Many of us have been ingrained since birth with the idea that being your own boss and determining your own destiny is a fundamental part of achieving the American Dream. After all, taking risks and being entrepreneurial can yield great rewards.

Of course, building a business is easier said than done. Furthermore, even the most prosperous ventures have some disadvantages. Chief among them is that most small business owners have a lion's share of their personal net worth tied up in the value of the companies they have built -- possibly creating  considerable risk in both the short (business failure) and long term (liquidation).

Indeed, while the U.S. economy has improved in recent years, the number of willing and able buyers of small to midsize businesses has cratered dramatically since the halcyon days nearly a decade ago, just before the financial crisis. As a result, a number of otherwise successful entrepreneurs looking to sell their businesses have been put in a precarious spot.


A capable and conscientious advisor, however, can support small business clients by helping eligible entrepreneurs establish an Employee Stock Ownership Plan, often referred to as an ESOP -- essentially a trust fund set up by the owner, who then distributes new shares of company stock to their own employees. 

Prime candidates for ESOPs have company payrolls of $800,000 or more, a five-year history of profit, a market value of at least $3 million, and must be filed with the IRS as either sub chapter S or C corporations. And as with any venture, it’s important for advisors to perform the proper due diligence, consulting with a plan advisor to ensure the most advantaged program possible for the widest possible net of employees -- not to mention to the small business owner.

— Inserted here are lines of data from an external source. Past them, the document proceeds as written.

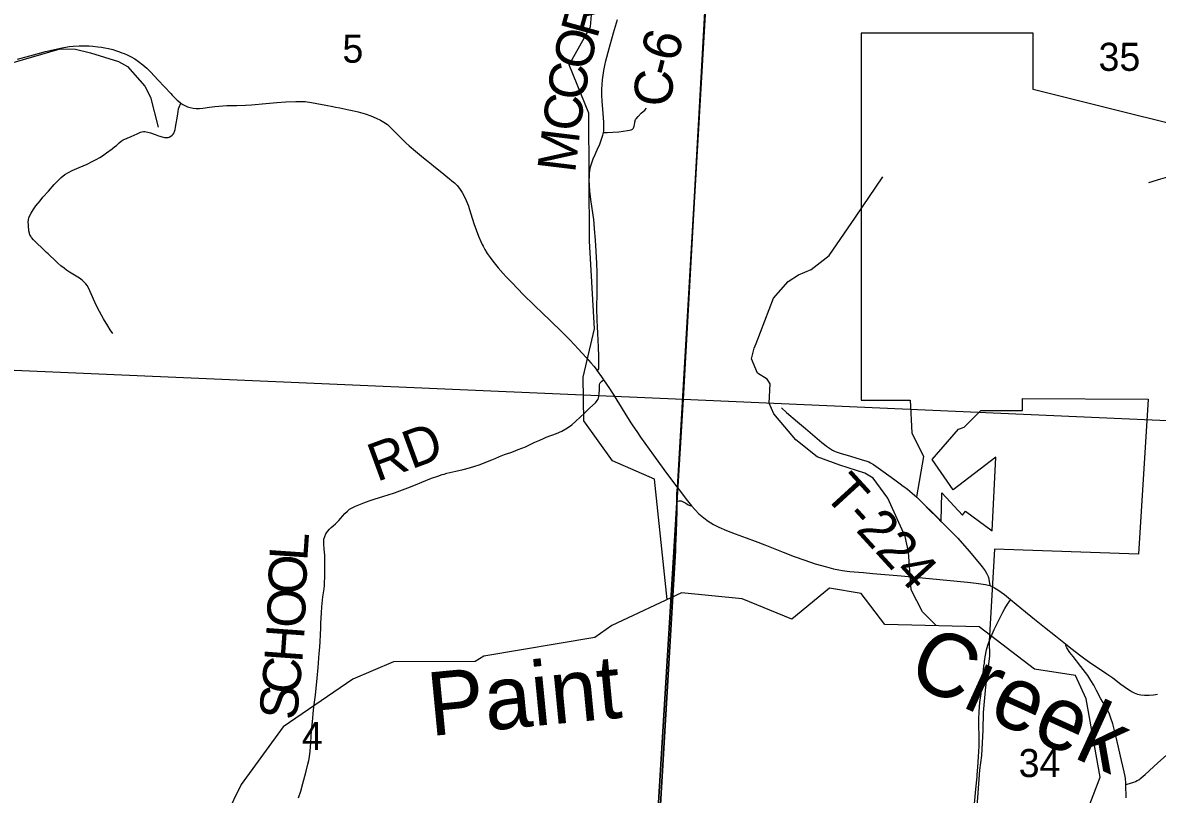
# Model space of a CAD drawing. Extents: x 0 to 34, y 0 to 22.
# Drawn here: x 5.267 to 6.959, y 19.422 to 20.572 of the extents above; entities that cross this region are included whole.
import ezdxf

# ---------------------------------------------------------------- set-up
doc = ezdxf.new("R2010")
doc.units = 0
for name, color, linetype in [('Default', 7, 'Continuous'), ('GM_X_City_Street', 7, 'Continuous'), ('GM_X_County_Road', 7, 'Continuous'), ('GM_X_County_Road_Text', 7, 'Continuous'), ('GM_X_Minor_River', 7, 'Continuous'), ('GM_X_Minor_River_Text', 7, 'Continuous'), ('GM_X_Section', 7, 'Continuous'), ('GM_X_Section_Text', 7, 'Continuous'), ('GM_X_State_Route', 7, 'Continuous'), ('GM_X_Township_Road', 7, 'Continuous'), ('GM_X_Township_Road_Text', 7, 'Continuous')]:
    doc.layers.add(name, color=color, linetype=linetype)

msp = doc.modelspace()

# ---------------------------------------------------------------- linework, layer by layer
at = {"layer": 'Default'}
for points in [[(6.0603, 16.8624), (6.127, 17.9511), (6.1612, 18.4732), (6.1665, 18.5542), (6.1773, 18.7192), (6.1898, 18.9313), (6.195, 19.011), (6.2406, 19.7849), (6.241, 19.7927), (6.2413, 19.8018), (6.2418, 19.8127), (6.2424, 19.8289), (6.2426, 19.8432), (6.2426, 19.8474), (6.2427, 19.8586), (6.2428, 19.8591), (6.2428, 19.8627), (6.2428, 19.867), (6.2428, 19.8705), (6.2431, 19.8748), (6.2438, 19.8792), (6.3032, 20.9), (2.1, 20.9), (2.1, 16.1239)], [(8.9, 20.9), (6.3032, 20.9), (6.2438, 19.8792), (6.2431, 19.8748), (6.2428, 19.8705), (6.2428, 19.867), (6.2428, 19.8627), (6.2428, 19.8591), (6.2427, 19.8586), (6.2426, 19.8474), (6.2426, 19.8432), (6.2424, 19.8289), (6.2418, 19.8127), (6.2413, 19.8018), (6.241, 19.7927), (6.2406, 19.7849), (6.195, 19.011), (6.1898, 18.9313), (6.1773, 18.7192), (6.1665, 18.5542), (6.1612, 18.4732), (6.127, 17.9511), (6.0603, 16.8624)], [(7.1065, 20.3898), (6.7739, 20.4727), (6.7739, 20.5566), (6.5176, 20.5566), (6.5176, 20.0093), (6.5907, 20.0093), (6.5933, 19.9608), (6.6104, 19.9252), (6.6004, 19.8655), (6.6369, 19.8288), (6.6379, 19.8713), (6.6688, 19.8381), (6.6733, 19.8438), (6.7128, 19.8147), (6.7182, 19.9243), (6.6546, 19.8757), (6.6236, 19.9208), (6.663, 19.9661), (6.6711, 19.9691), (6.6961, 19.9941), (6.7582, 19.9941), (6.7582, 20.0121), (6.9455, 20.011), (6.9314, 19.7799), (6.7164, 19.7873), (6.7084, 19.6502), (6.7092, 19.6275), (6.7029, 19.5821), (6.6998, 19.5435), (6.6993, 19.5175), (6.6972, 19.4796), (6.694, 19.4577), (6.6895, 19.3966)]]:
    msp.add_lwpolyline(points, dxfattribs=at)
for points in [[(6.302, 20.9), (5.259, 20.9), (5.2086, 20.056), (6.2522, 20.0112)], [(7.3433, 20.9), (6.302, 20.9), (6.2522, 20.0112), (7.2788, 19.9659)]]:
    msp.add_lwpolyline(points, close=True, dxfattribs=at)
at = {"layer": 'GM_X_City_Street'}
msp.add_lwpolyline([(6.9125, 19.4362), (6.9142, 19.4368), (6.9242, 19.4399), (6.9266, 19.4408), (6.9291, 19.442), (6.9315, 19.4434), (6.935, 19.4462), (6.941, 19.4511), (6.9598, 19.4685), (6.973, 19.4798), (6.9863, 19.4914), (6.9988, 19.5023), (7.0056, 19.5084), (7.0158, 19.5178), (7.0229, 19.5243), (7.0354, 19.5355), (7.0439, 19.5432), (7.0694, 19.5663), (7.0777, 19.5738), (7.0967, 19.5917), (7.1058, 19.6007), (7.1078, 19.6031), (7.1091, 19.6053), (7.1104, 19.6082)], dxfattribs=at)
at = {"layer": 'GM_X_County_Road'}
for points in [[(6.124, 20.0534), (6.1255, 20.0547), (6.1264, 20.0562), (6.1267, 20.0581), (6.1267, 20.0619), (6.1266, 20.0744), (6.1262, 20.0889), (6.1252, 20.1088), (6.1246, 20.1194), (6.1242, 20.1283), (6.1237, 20.147), (6.1238, 20.169), (6.1238, 20.1853), (6.1238, 20.2006), (6.1233, 20.2131), (6.1224, 20.2319), (6.1214, 20.248), (6.1201, 20.2648), (6.1196, 20.2723), (6.1188, 20.279), (6.1152, 20.3054), (6.1133, 20.3209), (6.1125, 20.3306), (6.1122, 20.3374), (6.1124, 20.3425), (6.1127, 20.3473), (6.1132, 20.3515), (6.1137, 20.3547), (6.1143, 20.3575), (6.115, 20.3605), (6.1159, 20.3634), (6.1179, 20.3693), (6.121, 20.3761), (6.1242, 20.3829), (6.1278, 20.3913), (6.1306, 20.3989), (6.1325, 20.4049), (6.1333, 20.4086), (6.1337, 20.4109), (6.1338, 20.4136), (6.1339, 20.4189), (6.1337, 20.4243), (6.1328, 20.4369), (6.1313, 20.4556), (6.1309, 20.4643), (6.1309, 20.4731), (6.1314, 20.4804), (6.1319, 20.4874), (6.1327, 20.4943), (6.1338, 20.5009), (6.1354, 20.5085), (6.1371, 20.5157), (6.1419, 20.5341), (6.1484, 20.5572), (6.1543, 20.5772)], [(6.913, 19.4164), (6.9125, 19.4362), (6.9125, 19.4378), (6.9116, 19.4459), (6.911, 19.4506), (6.91, 19.4551), (6.9056, 19.4721), (6.8992, 19.5002), (6.8953, 19.5167), (6.8927, 19.5267), (6.89, 19.5352), (6.8878, 19.5412), (6.8858, 19.5458), (6.88, 19.5559), (6.875, 19.5642), (6.8685, 19.5766), (6.8645, 19.5845), (6.8603, 19.5914), (6.8555, 19.5986), (6.8522, 19.6031), (6.8452, 19.6122), (6.8338, 19.627), (6.8289, 19.6332), (6.8242, 19.6401), (6.8233, 19.6421), (6.8226, 19.644), (6.8223, 19.6462)]]:
    msp.add_lwpolyline(points, dxfattribs=at)
at = {"layer": 'GM_X_Minor_River'}
for points in [[(6.2282, 19.712), (6.2097, 19.8916), (6.1471, 19.9191), (6.1042, 19.9787), (6.1033, 20.0436), (6.1202, 20.1158), (6.1124, 20.2467), (6.1114, 20.4376), (6.0824, 20.5098), (6.1139, 20.5663), (6.1185, 20.6206)], [(4.8862, 20.5519), (5.0445, 20.4475), (5.0679, 20.4257), (5.0873, 20.4221), (5.126, 20.4256), (5.1626, 20.4393), (5.1909, 20.456), (5.2212, 20.4928), (5.2532, 20.5133), (5.3235, 20.5335), (5.3459, 20.533), (5.3683, 20.5276), (5.4102, 20.5147), (5.4236, 20.5069), (5.4497, 20.4779), (5.4578, 20.4616), (5.4693, 20.4165)], [(6.6293, 19.6732), (6.6091, 19.6937), (6.5924, 19.7268), (6.5883, 19.7834), (6.5834, 19.8059), (6.5576, 19.8632), (6.5356, 19.8929), (6.5231, 19.9004), (6.486, 19.9126), (6.4519, 19.9247), (6.4204, 19.9501), (6.3875, 19.9893), (6.3806, 20.0048), (6.3818, 20.0337), (6.3776, 20.0409), (6.3632, 20.0497), (6.3541, 20.0713), (6.3583, 20.0869), (6.3613, 20.0941), (6.3868, 20.1618), (6.4088, 20.1866), (6.4243, 20.1965), (6.4433, 20.2045), (6.4698, 20.2254), (6.5092, 20.2825), (6.5502, 20.3426)], [(6.8507, 19.3862), (6.8742, 19.4471), (6.8529, 19.5642), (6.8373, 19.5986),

Over the years, ESOPs have proven especially adept at generating income and monetizing value for the business owner in the short term, while also helping to nurture truly institutional, resilient enterprises that are built to last the test of time. Beyond the surface advantages, though, additional benefits of ESOPs encompass the following:  

  • Advantageous tax implications: There are numerous tax benefits for both the owner and the employees. Sellers, for instance, can roll sale proceeds into an IRA or a host of qualified publicly traded securities, perhaps providing a vehicle to avoid significant tax liability. Companies, for their part, are able to deduct contributions to the ESOP trust fund from their corporate income taxes. Therefore, if 70% of the firm's workforce participates, they could wipe out 70% of the corporate income tax bill, enhancing cash flow for business investment considerably. 
  • More stable, efficient workplace: Employees that have a financial stake in a business are more loyal and work harder to achieve firm-wide success, which creates a culture based on collaboration and teamwork. 
  • Confidence for departing owners: Historically, a well-conceived ESOP has been shown to significantly increase the chances that the business will have a buyer -- and perhaps most importantly in light of the current environment, one that will pay market value (determined by a third-party appraiser). Owners can train, develop and prepare their successors, while still generating income and preserving the internal culture of the firm.


By the same token, there are a few pitfalls associated with setting up an ESOP that advisors should keep in mind:

  • Share dilution and volatility: When new shares are issued within a company plan, the existing shares immediately lose value, since the total value of the ESOP remains unchanged -- although for profitable businesses with a history of growth, the devaluation is sometimes offset by future gains. Also, because the value of the shares is based entirely on the fortunes of the company, they are extremely volatile investments. A well-diversified IRA, 401(k) or other employer-sponsored retirement plan can serve a suitable counterbalance.
  • High administration fees: ESOP set-up costs are $50,000 or more, depending on the size of the business, with yearly maintenance fees exceeding $10,000.
  • Not all small businesses are eligible: As mentioned above, only sub chapter C and S corporations are eligible. Professional corporations, partnerships, LLCs and sole proprietorships are not.

While ESOPs should not be considered a panacea for all small business owners, used effectively in the right circumstances they can be an effective vehicle in driving productivity and growth.
Meanwhile, it is becoming apparent that advisors looking to be all things to all people will likely have trouble adapting to the emerging trends within the financial service space.  Advisors, therefore, that can add a specialized set of services to their clients -- such as becoming ESOP experts -- will offer tremendous value relative to their competition.